Dataset items:
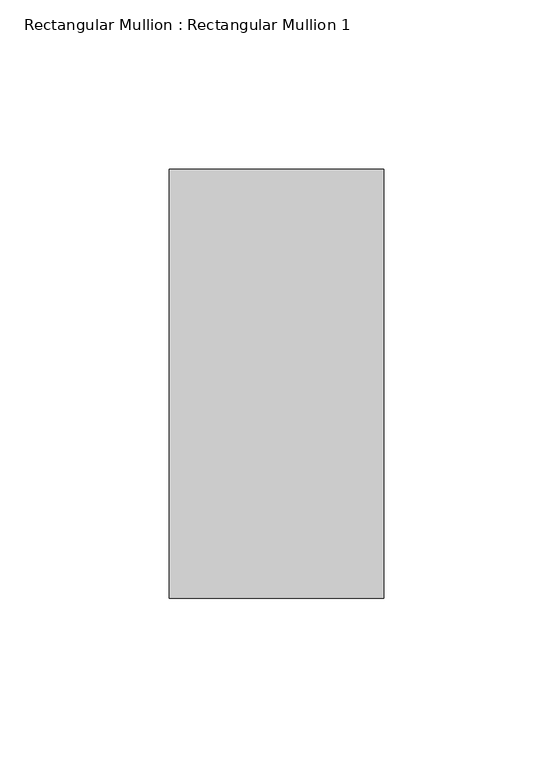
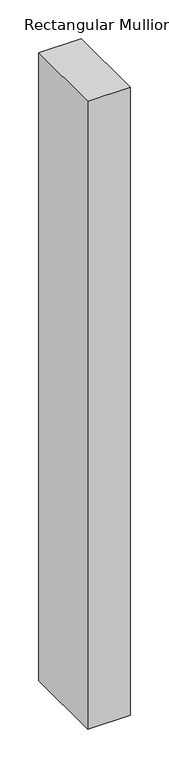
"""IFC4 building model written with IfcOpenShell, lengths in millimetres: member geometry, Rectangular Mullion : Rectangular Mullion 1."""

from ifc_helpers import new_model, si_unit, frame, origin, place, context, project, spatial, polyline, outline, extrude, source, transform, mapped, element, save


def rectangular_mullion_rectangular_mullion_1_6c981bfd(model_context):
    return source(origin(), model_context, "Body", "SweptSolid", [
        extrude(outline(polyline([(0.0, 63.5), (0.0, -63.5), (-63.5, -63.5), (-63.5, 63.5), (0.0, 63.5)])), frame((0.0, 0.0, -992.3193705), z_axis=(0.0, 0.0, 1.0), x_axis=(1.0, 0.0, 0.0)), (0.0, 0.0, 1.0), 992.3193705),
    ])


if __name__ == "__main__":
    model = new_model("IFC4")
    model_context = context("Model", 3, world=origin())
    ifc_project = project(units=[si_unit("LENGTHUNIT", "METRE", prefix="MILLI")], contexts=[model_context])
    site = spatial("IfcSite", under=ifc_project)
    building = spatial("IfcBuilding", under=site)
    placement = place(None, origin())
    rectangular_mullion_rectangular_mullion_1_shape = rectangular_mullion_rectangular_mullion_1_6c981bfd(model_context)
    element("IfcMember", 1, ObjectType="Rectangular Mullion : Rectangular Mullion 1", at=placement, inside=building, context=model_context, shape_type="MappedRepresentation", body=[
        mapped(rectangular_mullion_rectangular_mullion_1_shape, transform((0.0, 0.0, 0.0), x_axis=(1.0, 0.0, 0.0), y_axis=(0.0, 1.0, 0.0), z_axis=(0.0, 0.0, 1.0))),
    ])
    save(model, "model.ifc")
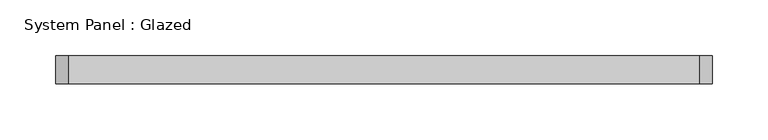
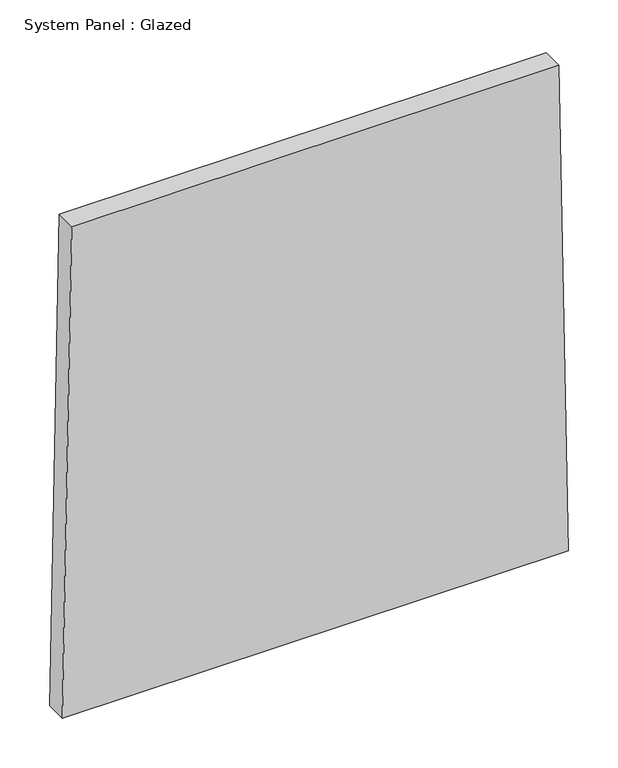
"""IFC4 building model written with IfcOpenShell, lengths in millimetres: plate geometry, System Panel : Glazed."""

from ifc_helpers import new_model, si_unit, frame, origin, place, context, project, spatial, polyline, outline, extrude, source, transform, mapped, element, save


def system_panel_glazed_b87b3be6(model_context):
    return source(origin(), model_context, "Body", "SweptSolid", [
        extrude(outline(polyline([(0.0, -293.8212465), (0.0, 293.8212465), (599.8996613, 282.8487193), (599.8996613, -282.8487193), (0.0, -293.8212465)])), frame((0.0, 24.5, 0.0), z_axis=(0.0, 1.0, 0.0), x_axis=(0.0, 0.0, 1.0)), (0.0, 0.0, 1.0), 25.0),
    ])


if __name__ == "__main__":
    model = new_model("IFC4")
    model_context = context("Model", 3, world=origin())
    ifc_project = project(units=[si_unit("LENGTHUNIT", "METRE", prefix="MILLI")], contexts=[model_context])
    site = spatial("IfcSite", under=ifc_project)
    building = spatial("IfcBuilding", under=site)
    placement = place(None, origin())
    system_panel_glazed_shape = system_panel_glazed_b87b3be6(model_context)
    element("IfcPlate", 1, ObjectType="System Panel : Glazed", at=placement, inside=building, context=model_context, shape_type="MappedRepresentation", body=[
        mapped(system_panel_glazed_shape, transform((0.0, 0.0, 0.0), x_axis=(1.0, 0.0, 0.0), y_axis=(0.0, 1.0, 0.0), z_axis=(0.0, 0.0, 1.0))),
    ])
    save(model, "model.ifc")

> Work to be completed
Apart from the images, please copy every line of the data exactly as written.

> Answer box
"""IFC4 building model written with IfcOpenShell, lengths in millimetres: member geometry, Rectangular Mullion : Rectangular Mullion 1."""

from ifc_helpers import new_model, si_unit, frame, origin, place, context, project, spatial, polyline, outline, extrude, source, transform, mapped, element, save


def rectangular_mullion_rectangular_mullion_1_6c981bfd(model_context):
    return source(origin(), model_context, "Body", "SweptSolid", [
        extrude(outline(polyline([(0.0, 63.5), (0.0, -63.5), (-63.5, -63.5), (-63.5, 63.5), (0.0, 63.5)])), frame((0.0, 0.0, -992.3193705), z_axis=(0.0, 0.0, 1.0), x_axis=(1.0, 0.0, 0.0)), (0.0, 0.0, 1.0), 992.3193705),
    ])


if __name__ == "__main__":
    model = new_model("IFC4")
    model_context = context("Model", 3, world=origin())
    ifc_project = project(units=[si_unit("LENGTHUNIT", "METRE", prefix="MILLI")], contexts=[model_context])
    site = spatial("IfcSite", under=ifc_project)
    building = spatial("IfcBuilding", under=site)
    placement = place(None, origin())
    rectangular_mullion_rectangular_mullion_1_shape = rectangular_mullion_rectangular_mullion_1_6c981bfd(model_context)
    element("IfcMember", 1, ObjectType="Rectangular Mullion : Rectangular Mullion 1", at=placement, inside=building, context=model_context, shape_type="MappedRepresentation", body=[
        mapped(rectangular_mullion_rectangular_mullion_1_shape, transform((0.0, 0.0, 0.0), x_axis=(1.0, 0.0, 0.0), y_axis=(0.0, 1.0, 0.0), z_axis=(0.0, 0.0, 1.0))),
    ])
    save(model, "model.ifc")
"""IFC4 building model written with IfcOpenShell, lengths in millimetres: plate geometry, System Panel : Glazed."""

from ifc_helpers import new_model, si_unit, frame, origin, place, context, project, spatial, polyline, outline, extrude, source, transform, mapped, element, save


def system_panel_glazed_b87b3be6(model_context):
    return source(origin(), model_context, "Body", "SweptSolid", [
        extrude(outline(polyline([(0.0, -293.8212465), (0.0, 293.8212465), (599.8996613, 282.8487193), (599.8996613, -282.8487193), (0.0, -293.8212465)])), frame((0.0, 24.5, 0.0), z_axis=(0.0, 1.0, 0.0), x_axis=(0.0, 0.0, 1.0)), (0.0, 0.0, 1.0), 25.0),
    ])


if __name__ == "__main__":
    model = new_model("IFC4")
    model_context = context("Model", 3, world=origin())
    ifc_project = project(units=[si_unit("LENGTHUNIT", "METRE", prefix="MILLI")], contexts=[model_context])
    site = spatial("IfcSite", under=ifc_project)
    building = spatial("IfcBuilding", under=site)
    placement = place(None, origin())
    system_panel_glazed_shape = system_panel_glazed_b87b3be6(model_context)
    element("IfcPlate", 1, ObjectType="System Panel : Glazed", at=placement, inside=building, context=model_context, shape_type="MappedRepresentation", body=[
        mapped(system_panel_glazed_shape, transform((0.0, 0.0, 0.0), x_axis=(1.0, 0.0, 0.0), y_axis=(0.0, 1.0, 0.0), z_axis=(0.0, 0.0, 1.0))),
    ])
    save(model, "model.ifc")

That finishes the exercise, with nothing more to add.